Dušan Pirjevec, known by his nom de guerre Ahac (20 March 1921 – 4 August 1977), was a Slovenian resistance fighter, literary historian and philosopher. He was one of the most influential public intellectuals in post-World War II Slovenia.
Dušan Pirjevec was born in Solkan, which was then a suburb of the Italian town of Gorizia. His birth house is now located in the Slovenian town of Nova Gorica. His father was the literary historian Avgust Pirjevec from Gorizia; his mother, Iva née Mozetič, came from a wealthy merchant family from Solkan. His sister, Ivica Pirjevec, later became a famous anti-Nazi resistance hero and was captured and killed by the Nazis in 1944 (a street in the Ljubljana neighbourhood of Tacen in the Šmarna Gora District bears her name). Soon after Dušan's birth, the family moved to Ljubljana, in what was then the Kingdom of Serbs, Croats and Slovenes, where his father worked as the chief librarian of the National Research Library. Dušan attended the Ljubljana Technical High School, and in 1939 he enrolled in the University of Zagreb, where he studied agronomy. In 1940, he joined the Communist Party of Yugoslavia.

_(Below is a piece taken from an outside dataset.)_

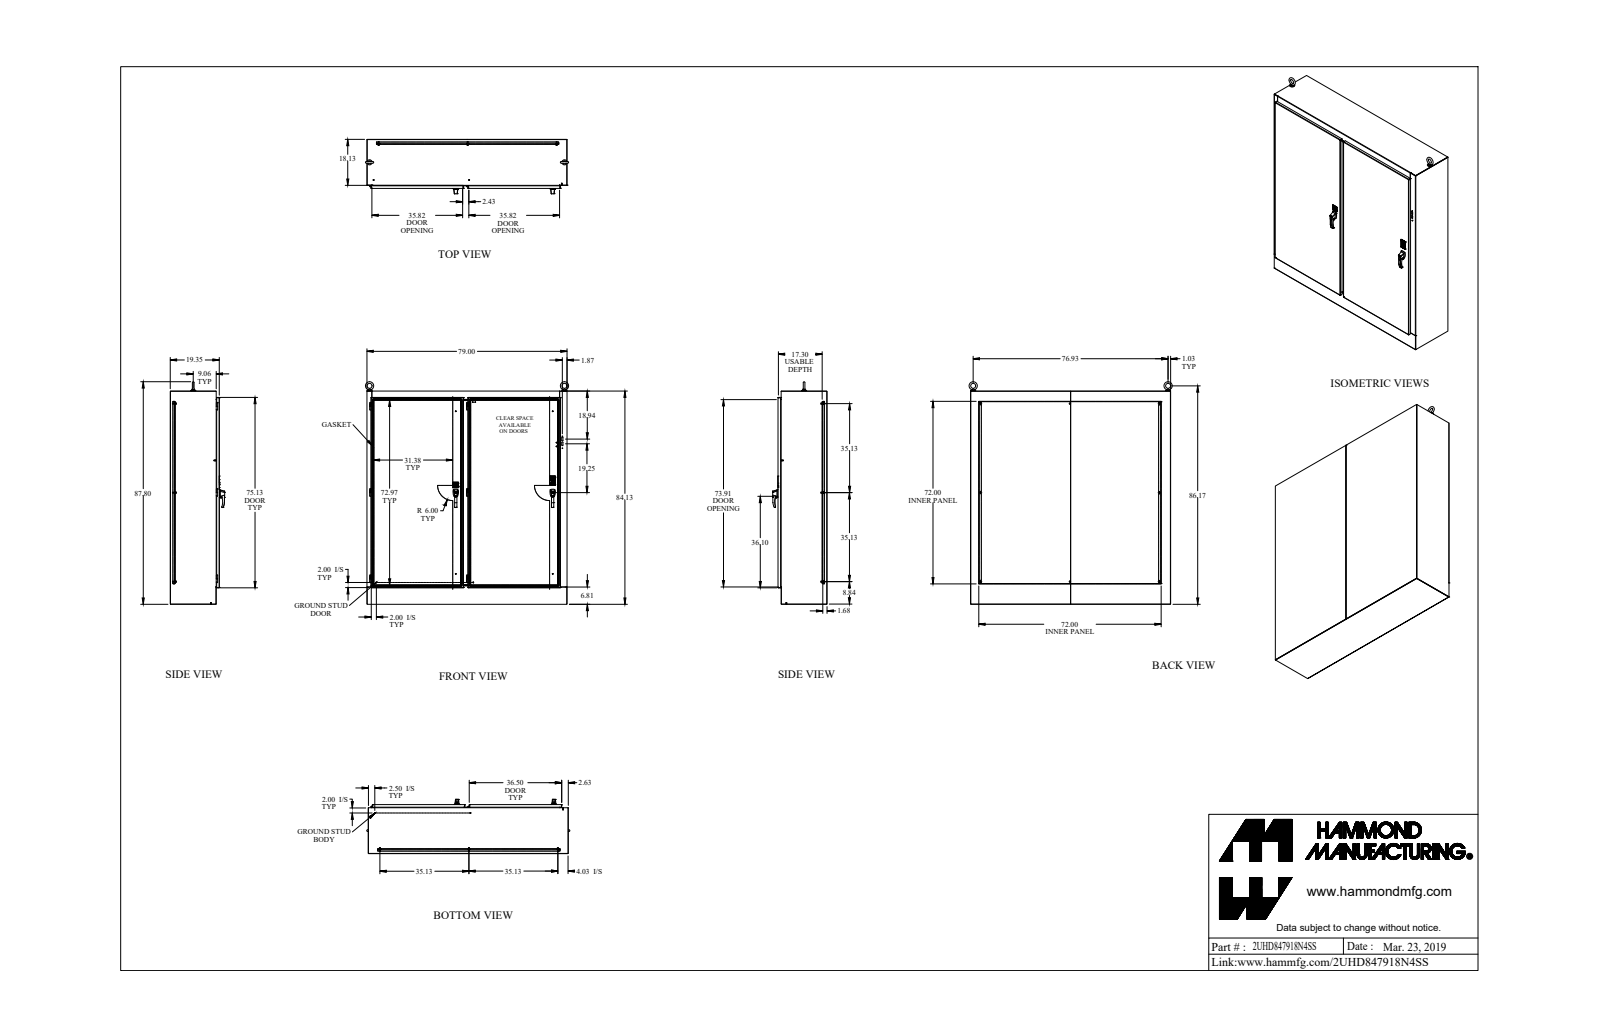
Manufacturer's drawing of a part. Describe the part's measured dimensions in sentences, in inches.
The part is named "2UHD847918N4SS". Its 3-D file was written by "SolidWorks 2018 (AUTOMOTIVE_DESIGN)". It is 223 solids with 3338 faces: 1961 planar, 990 cylindrical and 387 other. Overall it measures 87.799 by 80.182 by 21.466 inches. Its volume is 5 051 cubic inches and its surface area 58 238 square inches. Round holes: 13 of diameter 0.196, 12 of diameter 0.25, 9 of diameter 0.281, 9 of diameter 0.307, 8 of diameter 0.35, 6 of diameter 0.255, 6 of diameter 0.257, 6 of diameter 0.313, 5 of diameter 0.201, 5 of diameter 0.313, 5 of diameter 0.445, 4 of diameter 0.156. Round bosses or shafts: 18 of diameter 0.25, 12 of diameter 1, 9 of diameter 0.65, 9 of diameter 0.375, 8 of diameter 0.332, 6 of diameter 0.75, 6 of diameter 0.625, 6 of diameter 0.5. Partial cylindrical surfaces (rounded edges, fillets, slot ends): 67 of radius 0.125, 42 of radius 0.5, 35 of radius 0.06, 32 of radius 0.017, 30 of radius 0.048, 30 of radius 0.143, 28 of radius 0.03, 26 of radius 0.25. The main face-to-face distances are 0.095, 0.072, 17.461, 19.368, 19.273, 1.907, 1.812, 1.741, 1.835, 17.533. The hole center spacings are 38.25, 1, 1.287, 1.72, 3.43, 30.937, 33.188, 38.267.

Already in his teenage years, Pirjevec developed an interest in literature, especially in the French poètes maudits. In the years before World War II, he published several articles under different pseudonyms in the distinguished liberal-progressive literary journal Ljubljanski zvon. Together with the young poet Karel Destovnik Kajuh, he was the co-editor of the radical magazine Svobodna mladina ("The Free Youth").